You can read the full RCT in the International Wound Journal here.

References

  1. Bull, RH, Clements, D, Collarte, AJ, Harding, KG. The impact of a new intervention for venous leg ulcers: A within-patient controlled trial. Int Wound J. 2023; 1- 9. doi:10.1111/iwj.14107
  2. https://www.nhs.uk/conditions/leg-ulcer/
  3. Phillips, CJ, Humphreys, I, Thayer, D, et al. Cost of managing patients with venous leg ulcers. Int Wound J. 2020; 17: 1074– 1082. https://doi.org/10.1111/iwj.13366
  4. Guest JF, Fuller GW, Vowden P. Cohort study evaluating the burden of wounds to the UK’s National Health Service in 2017/2018: update from 2012/2013. BMJ Open. 2020 Dec 22;10(12):e045253. doi: 10.1136/bmjopen-2020-045253. PMID: 33371051; PMCID: PMC7757484.
  5. Probst, S., Weller, C.D., Bobbink, P. et al.Prevalence and incidence of venous leg ulcers—a protocol for a systematic review. Syst Rev 10, 148 (2021). https://doi.org/10.1186/s13643-021-01697-3
  6. Tucker A, Maass A, Bain D, Chen LH, Azzam M, Dawson H, et al.
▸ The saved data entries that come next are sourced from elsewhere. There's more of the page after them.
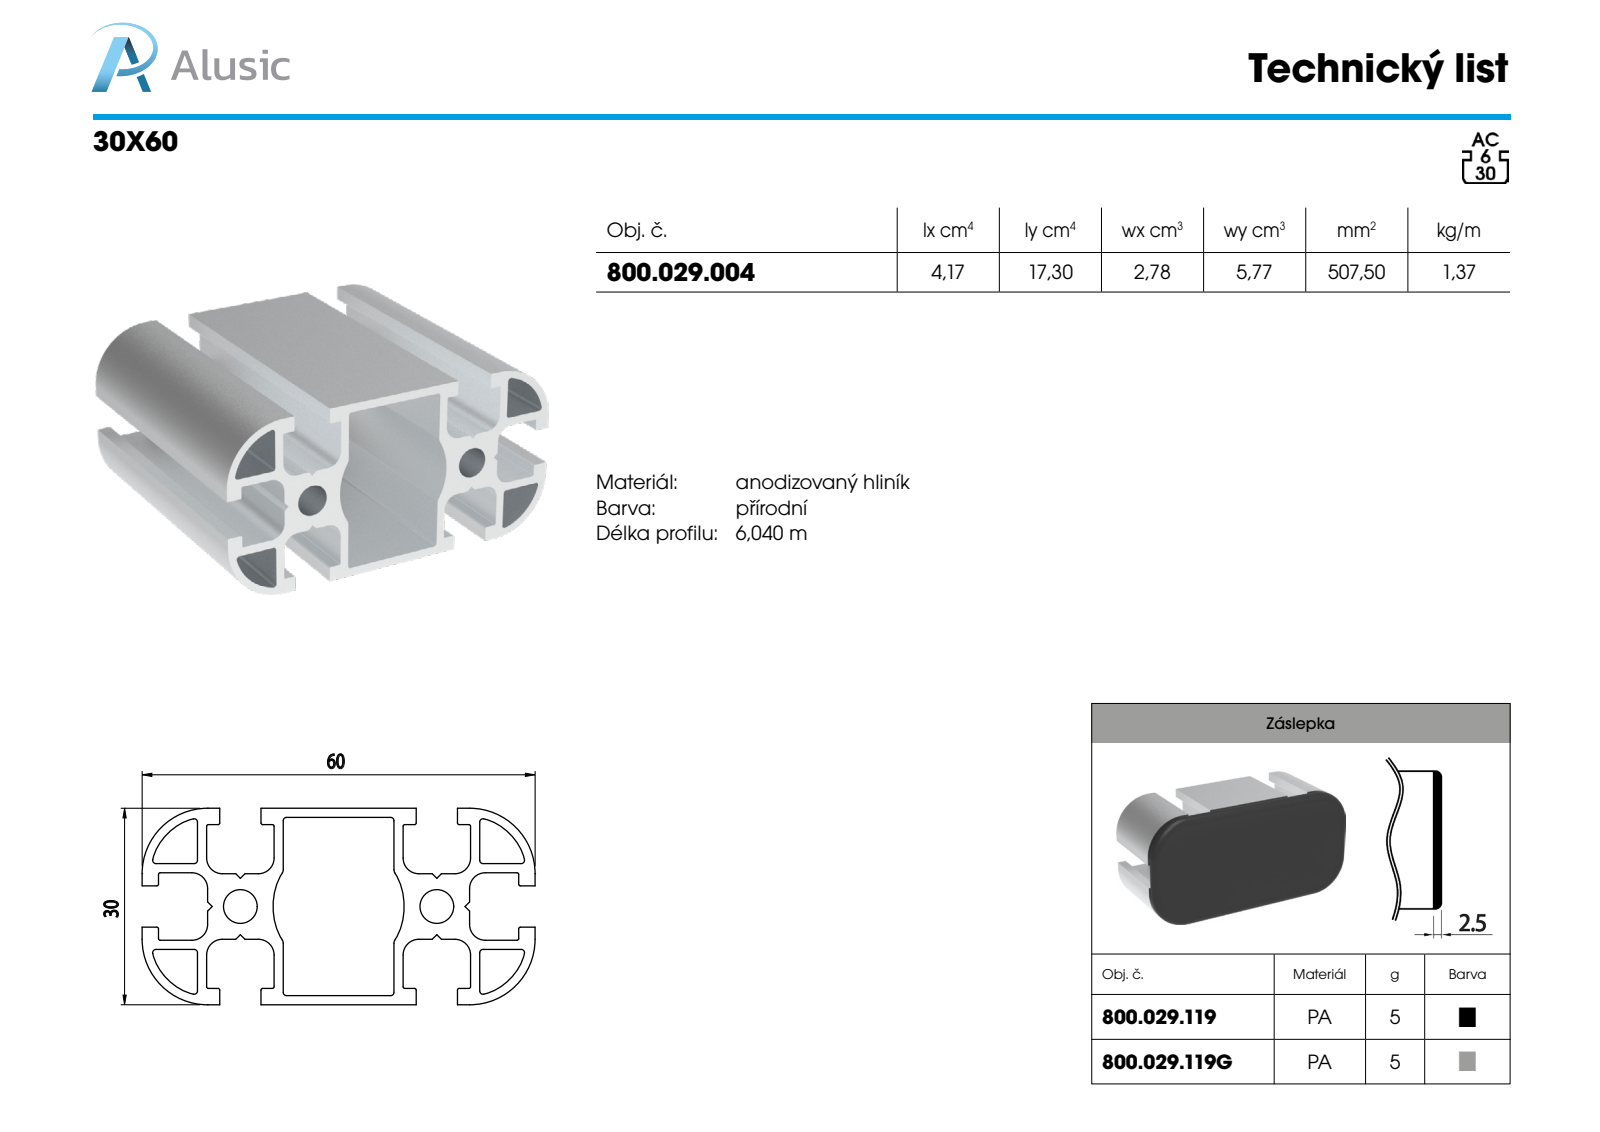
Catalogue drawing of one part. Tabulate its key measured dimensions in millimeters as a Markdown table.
| quantity | value |
| --- | --- |
| part name | 800.029.119 |
| STEP written by | SolidWorks 2012 (CONFIG_CONTROL_DESIGN) |
| units | millimeters |
| bodies | 1 solid, 88 faces (32 planar, 34 cylindrical, 22 other) |
| overall size | 60 × 30 × 8.5 |
| volume | 4 467 mm³ |
| surface area | 4 473 mm² |
| round holes (diameter × count) | 3.5 × 4 |
| round bosses / shafts (diameter × count) | 5 × 4 |
| partial cylindrical surfaces (radius × count) | 2 × 4, 10 × 4, 2.58 × 2 |
| main face-to-face distances | 2.5, 1.2, 30, 14.4, 15.6, 4, 6.5, 28.8, 31.2, 2 |
| hole center spacings | 18.68, 48.68, 52.14 |
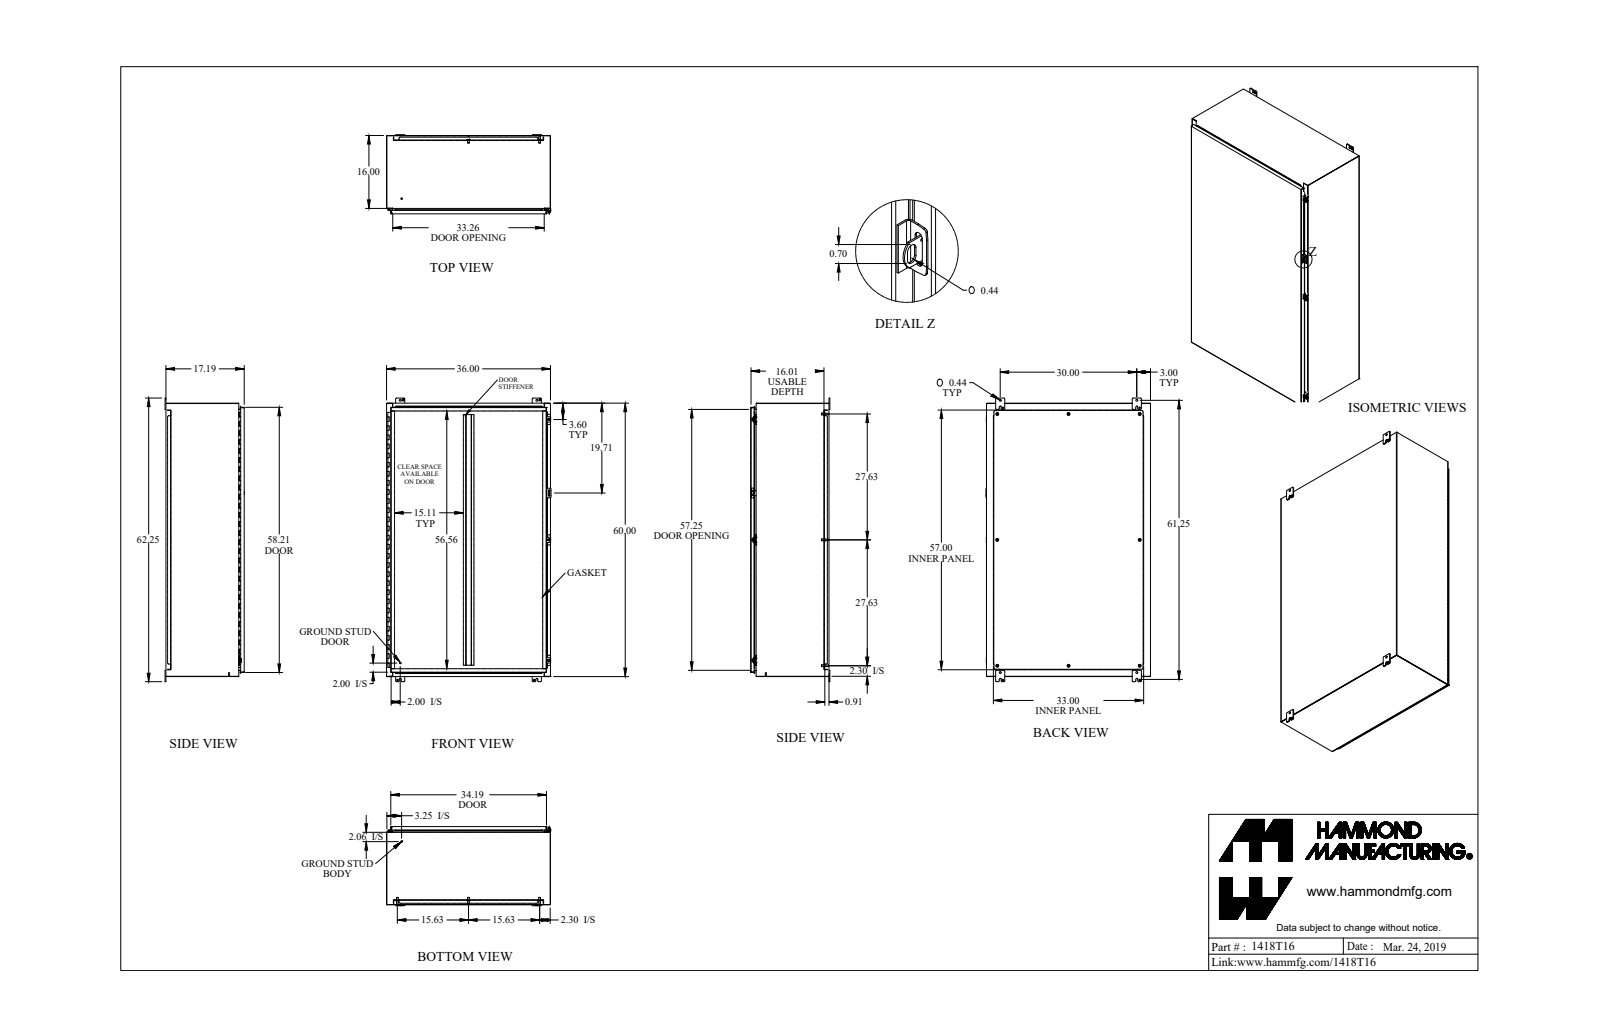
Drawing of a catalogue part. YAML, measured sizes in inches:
part_name: "1418T16_Default"
step_written_by: "SolidWorks 2019 (CONFIG_CONTROL_DESIGN)"
units: inches
bodies: {solids: 56, faces: 1796, planar: 1043, cylindrical: 675, other: 78}
overall_size: [62.25, 36.125, 17.437]
volume: 827.8
surface_area: 21589
round_holes:
  - {diameter: 0.5, count: 8}
  - {diameter: 0.307, count: 4}
  - {diameter: 0.313, count: 4}
  - {diameter: 0.437, count: 4}
  - {diameter: 0.445, count: 4}
  - {diameter: 0.213, count: 3}
  - {diameter: 0.265, count: 3}
  - {diameter: 0.375, count: 3}
  - {diameter: 0.125, count: 1}
  - {diameter: 0.187, count: 1}
round_bosses_or_shafts:
  - {diameter: 0.65, count: 8}
  - {diameter: 0.375, count: 8}
  - {diameter: 0.33, count: 8}
  - {diameter: 1, count: 4}
  - {diameter: 0.5, count: 3}
  - {diameter: 0.39, count: 3}
  - {diameter: 0.244, count: 3}
  - {diameter: 0.281, count: 2}
partial_cylinders:
  - {radius: 0.188, count: 34}
  - {radius: 0.036, count: 22}
  - {radius: 0.108, count: 22}
  - {radius: 0.25, count: 20}
  - {radius: 0.048, count: 19}
  - {radius: 0.143, count: 19}
  - {radius: 0.116, count: 16}
  - {radius: 0.125, count: 8}
face_to_face_distances: [0.072, 17.113, 17.041, 0.937, 17.185, 0.095, 1.009, 35.928, 16.081, 16.009]
hole_center_spacings: [15.625, 27.625, 57.417, 63.475, 30, 31.25, 41.71, 55.25]

Augmentation of venous, arterial and microvascular blood supply in the leg by isometric neuromuscular publication of the International College of Angiology, Inc. 2010 Spring; 19(1): e31-7.
  7. Godwin M, Ruhland L, Casson I, MacDonald S, Delva D, Birtwhistle R, Lam M, Seguin R. Pragmatic controlled clinical trials in primary care: the struggle between external and internal validity. BMC Med Res Methodol. 2003 Dec 22;3:28. doi: 10.1186/1471-2288-3-28. PMID: 14690550; PMCID: PMC317298.